The Junkies react to Chiefs winning Super Bowl LVII, James Bradberry penalty


The Kansas City Chiefs are Super Bowl champions for the second time in four years, surviving a dominant Philadelphia Eagles first half to surge ahead in an exhilarating second half.

Like many watching the game, The Sports Junkies honed in on the pivotal defensive holding call against James Bradberry that wiped out a third-and-8 to give the Chiefs a fresh set of downs late in the fourth quarter, essentially clinching the game for Kansas City.

Minutes later a 27-yards Harrison Butker field goal gave the Chiefs the decisive 38-35 edge that ultimately left the Eagles with only eight seconds remaining on the clock.

"The Chiefs win the second half of that game 24-11," John-Paul Flaim recapped Monday morning on The Sports Junkies. "They don't get stopped in the second half. But a lot of people are gonna focus on the James Bradberry hold, which, he admitted after the game that he held him. He was hoping the referees would let it slide."

"I was hoping the referees would let it slide," Flaim said. "I said this when the Chiefs beat the Bengals, I don't like when games end in that way. Now, the Chiefs could have very well still won the game. If they don't call that, they hit a field goal, 38-35, but then you have a minute and 48 with the Eagles with the ball and you have just a lot more drama."
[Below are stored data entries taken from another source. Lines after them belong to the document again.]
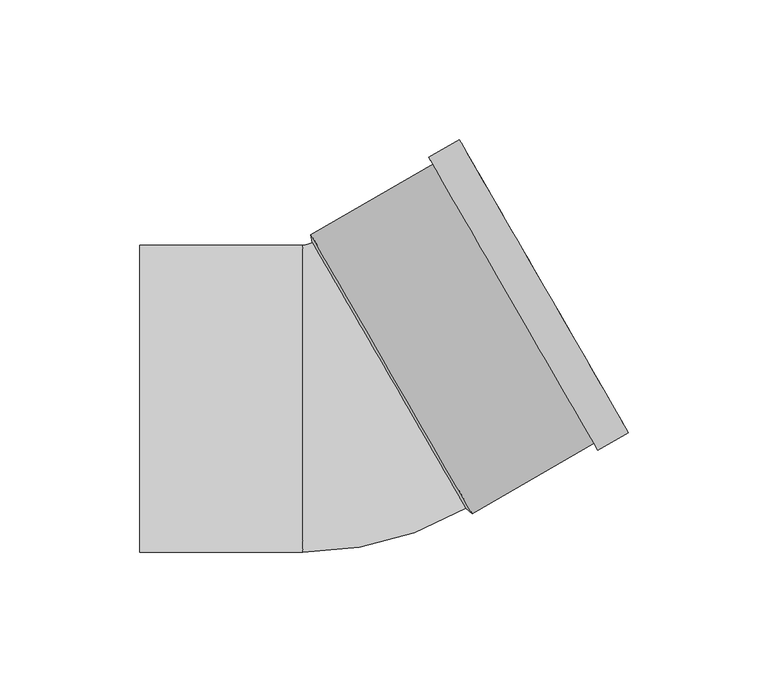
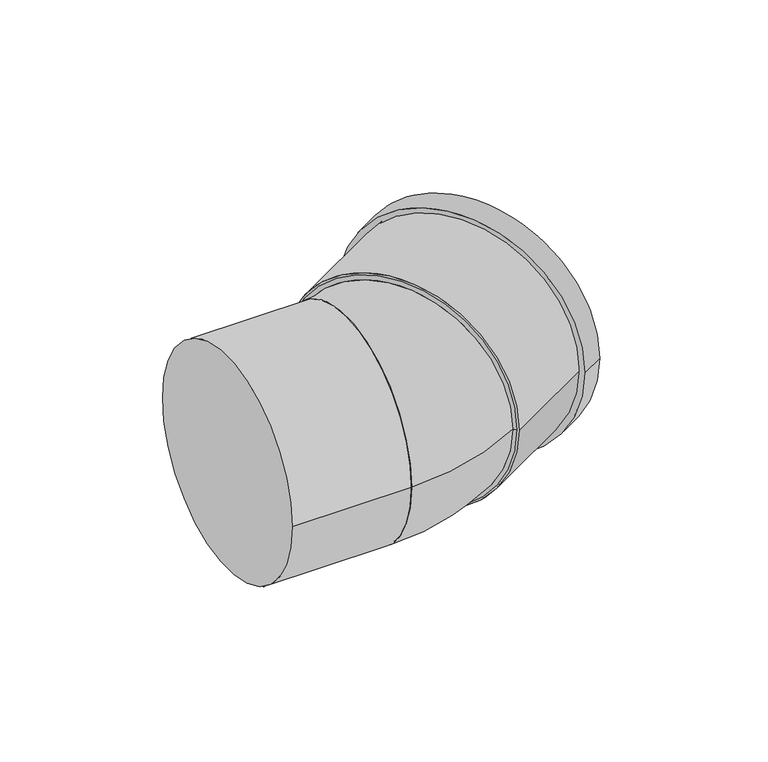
"""IFC4 building model written with IfcOpenShell, lengths in millimetres: pipe fitting geometry, Superdrain HT bend : Superdrain HT Bend."""

from ifc_helpers import new_model, si_unit, point, frame, origin, origin_2d, place, context, project, spatial, polyline, circle_curve, ellipse_curve, trimmed, segment, composite_curve, outline, extrude, source, transform, mapped, element, save
from ifc_brep_helpers import plane_surface, revolved_surface, advanced_brep


def pipe_fitting_5a3bc76c(model_context):
    return source(origin(), model_context, "Body", "SolidModel", [
        advanced_brep(
        [(41.8760217, -39.3313972, 0.0), (-13.1239783, 55.9313972, 0.0), (-16.6, -55.0, 0.0), (-16.6, 55.0, 0.0)],
        [
            (0, 1, circle_curve(frame((14.3760217, 8.3, 0.0), z_axis=(0.8660254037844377, 0.5000000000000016, 0.0), x_axis=(-0.5000000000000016, 0.8660254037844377, 0.0)), 55.0)),
            (1, 0, circle_curve(frame((14.3760217, 8.3, 0.0), z_axis=(0.866025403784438, 0.500000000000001, 0.0), x_axis=(-0.500000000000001, 0.866025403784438, 0.0)), 55.0)),
            (2, 3, circle_curve(frame((-16.6, 0.0, 0.0), z_axis=(-1.0, 0.0, 0.0), x_axis=(0.0, 1.0, 0.0)), 55.0)),
            (3, 2, circle_curve(frame((-16.6, 0.0, 0.0), z_axis=(-1.0, 0.0, 0.0), x_axis=(0.0, 1.0, 0.0)), 55.0)),
            (3, 1, circle_curve(frame((-16.6, 61.9520434, 0.0), z_axis=(0.0, 0.0, 1.0), x_axis=(1.0, 0.0, 0.0)), 6.9520434)),
            (0, 2, circle_curve(frame((-16.6, 61.9520434, 0.0), z_axis=(0.0, 0.0, -1.0), x_axis=(1.0, 0.0, 0.0)), 116.9520434)),
        ],
        [
            plane_surface(frame((14.3760217, 8.3, 0.0), z_axis=(0.8660254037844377, 0.5000000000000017, 0.0), x_axis=(0.0, 0.0, -1.0))),
            plane_surface(frame((-16.6, 0.0, 0.0), z_axis=(-1.0, 0.0, 0.0), x_axis=(0.0, 0.0, -1.0))),
            revolved_surface(trimmed(ellipse_curve(frame((45.3520434, 61.9520434, 0.0), z_axis=(0.0, -1.0, 0.0), x_axis=(-1.0, 0.0, 0.0)), 55.0, 55.0), [point((-9.6479566, 61.9520434, 0.0))], [point((100.3520434, 61.9520434, 0.0))], True, "CARTESIAN"), (-16.6, 61.9520434, 0.0), (0.0, 0.0, 1.0)),
            revolved_surface(trimmed(ellipse_curve(frame((45.3520434, 61.9520434, 0.0), z_axis=(0.0, -1.0, 0.0), x_axis=(-1.0, 0.0, 0.0)), 55.0, 55.0), [point((100.3520434, 61.9520434, 0.0))], [point((-9.6479566, 61.9520434, 0.0))], True, "CARTESIAN"), (-16.6, 61.9520434, 0.0), (0.0, 0.0, 1.0)),
        ],
        [
            (0, [[1, 2]]),
            (1, [[3, 4]]),
            (2, [[-4, 5, -1, 6]]),
            (3, [[-3, -6, -2, -5]]),
        ],
    ),
        extrude(outline(composite_curve([segment(trimmed(circle_curve(origin_2d(), 57.75), [point((0.0, 57.75))], [point((0.0, -57.75))], False, "CARTESIAN"), True, "CONTINUOUS"), segment(trimmed(circle_curve(origin_2d(), 57.75), [point((0.0, -57.75))], [point((0.0, 57.75))], False, "CARTESIAN"), True, "CONTINUOUS")], self_intersect=False), holes=[composite_curve([segment(trimmed(circle_curve(origin_2d(), 55.0), [point((0.0, 55.0))], [point((0.0, -55.0))], True, "CARTESIAN"), True, "CONTINUOUS"), segment(trimmed(circle_curve(origin_2d(), 55.0), [point((0.0, -55.0))], [point((0.0, 55.0))], True, "CARTESIAN"), True, "CONTINUOUS")], self_intersect=False)]), frame((15.2420471, 8.8, 0.0), z_axis=(0.8660254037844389, 0.49999999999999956, 0.0), x_axis=(0.0, 0.0, 1.0)), (0.0, 0.0, 1.0), 63.0),
        extrude(outline(composite_curve([segment(trimmed(circle_curve(origin_2d(), 60.6375), [point((0.0, -60.6375))], [point((0.0, 60.6375))], False, "CARTESIAN"), True, "CONTINUOUS"), segment(trimmed(circle_curve(origin_2d(), 60.6375), [point((0.0, 60.6375))], [point((0.0, -60.6375))], False, "CARTESIAN"), True, "CONTINUOUS")], self_intersect=False), holes=[composite_curve([segment(trimmed(circle_curve(origin_2d(), 55.0), [point((0.0, -55.0))], [point((0.0, 55.0))], True, "CARTESIAN"), True, "CONTINUOUS"), segment(trimmed(circle_curve(origin_2d(), 55.0), [point((0.0, 55.0))], [point((0.0, -55.0))], True, "CARTESIAN"), True, "CONTINUOUS")], self_intersect=False)]), frame((58.8897275, 34.0, 0.0), z_axis=(0.8660254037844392, 0.4999999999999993, 0.0), x_axis=(0.0, 0.0, 1.0)), (0.0, 0.0, 1.0), 12.6),
        advanced_brep(
        [(44.1170471, -41.2129671, 0.0), (-13.6329529, 58.8129671, 0.0), (41.8760217, -39.3313972, 0.0), (-13.1239783, 55.9313972, 0.0)],
        [
            (0, 1, circle_curve(frame((15.2420471, 8.8, 0.0), z_axis=(0.8660254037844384, 0.5000000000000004, 0.0), x_axis=(0.5000000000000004, -0.8660254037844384, 0.0)), 57.75)),
            (1, 0, circle_curve(frame((15.2420471, 8.8, 0.0), z_axis=(0.8660254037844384, 0.5000000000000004, 0.0), x_axis=(-0.5000000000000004, 0.8660254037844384, 0.0)), 57.75)),
            (2, 3, circle_curve(frame((14.3760217, 8.3, 0.0), z_axis=(-0.8660254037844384, -0.5000000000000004, 0.0), x_axis=(-0.5000000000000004, 0.8660254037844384, 0.0)), 55.0)),
            (3, 2, circle_curve(frame((14.3760217, 8.3, 0.0), z_axis=(-0.8660254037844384, -0.5000000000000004, 0.0), x_axis=(0.5000000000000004, -0.8660254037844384, 0.0)), 55.0)),
            (3, 1),
            (0, 2),
        ],
        [
            plane_surface(frame((15.2420471, 8.8, 0.0), z_axis=(0.8660254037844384, 0.5000000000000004, 0.0), x_axis=(0.0, 0.0, -1.0))),
            plane_surface(frame((14.3760217, 8.3, 0.0), z_axis=(-0.8660254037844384, -0.5000000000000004, 0.0), x_axis=(0.0, 0.0, -1.0))),
            revolved_surface(polyline([(-13.123978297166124, 55.93139719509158, 0.0), (-13.6329529, 58.8129671, 0.0)]), (-2.9444864, -1.7, 0.0), (0.8660254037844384, 0.5000000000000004, 0.0)),
            revolved_surface(polyline([(41.87602172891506, -39.331397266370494, 0.0), (44.11704717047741, -41.21296715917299, 0.0)]), (-2.9444864, -1.7, 0.0), (0.8660254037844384, 0.5000000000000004, 0.0)),
        ],
        [
            (0, [[1, 2]]),
            (1, [[3, 4]]),
            (2, [[-4, 5, -1, 6]]),
            (3, [[-3, -6, -2, -5]]),
        ],
    ),
        extrude(outline(composite_curve([segment(trimmed(circle_curve(origin_2d(), 55.0), [point((-55.0, 0.0))], [point((55.0, 0.0))], False, "CARTESIAN"), True, "CONTINUOUS"), segment(trimmed(circle_curve(origin_2d(), 55.0), [point((55.0, 0.0))], [point((-55.0, 0.0))], False, "CARTESIAN"), True, "CONTINUOUS")], self_intersect=False)), frame((-75.0, 0.0, 0.0), z_axis=(1.0, 0.0, 0.0), x_axis=(0.0, 1.0, 0.0)), (0.0, 0.0, 1.0), 58.4),
    ])


if __name__ == "__main__":
    model = new_model("IFC4")
    model_context = context("Model", 3, world=origin())
    ifc_project = project(units=[si_unit("LENGTHUNIT", "METRE", prefix="MILLI")], contexts=[model_context])
    site = spatial("IfcSite", under=ifc_project)
    building = spatial("IfcBuilding", under=site)
    placement = place(None, origin())
    pipe_fitting_shape = pipe_fitting_5a3bc76c(model_context)
    element("IfcPipeFitting", 1, ObjectType="Superdrain HT bend : Superdrain HT Bend", at=placement, inside=building, context=model_context, shape_type="MappedRepresentation", body=[
        mapped(pipe_fitting_shape, transform((0.0, 0.0, 0.0), x_axis=(1.0, 0.0, 0.0), y_axis=(0.0, 1.0, 0.0), z_axis=(0.0, 0.0, 1.0))),
    ])
    save(model, "model.ifc")

EB: It's probably going to overtime.

Cakes: I think the call came in at an inopportune time, but I would counter it by saying: Eagles, how about you sack Patrick Mahomes? Or how about you get a stop on defense at some point? It would have changed the outcome of the game.

Bish: How about don't get outscored 24-11 in the second half when you were kind of dominating in the first half. And you've got this great edge rusher in Haason Reddick who was just invisible the entire game, to me. The secondary couldn't figure out where the receivers were in the second half of the Chiefs. Andy Reid made some great adjustments and outcoached Jonathan Gannon and Sirianni in the second half. Those guys were WIDE OPEN.

EB: They did an unbelievable job of scheming those guys open, just right off the line of scrimmage, all that pre-snap motion and then cutting back.

Cakes: Philly couldn't defend it. They ran the same play on them twice, on the touchdown to Toney and the touchdown to Skyy Moore.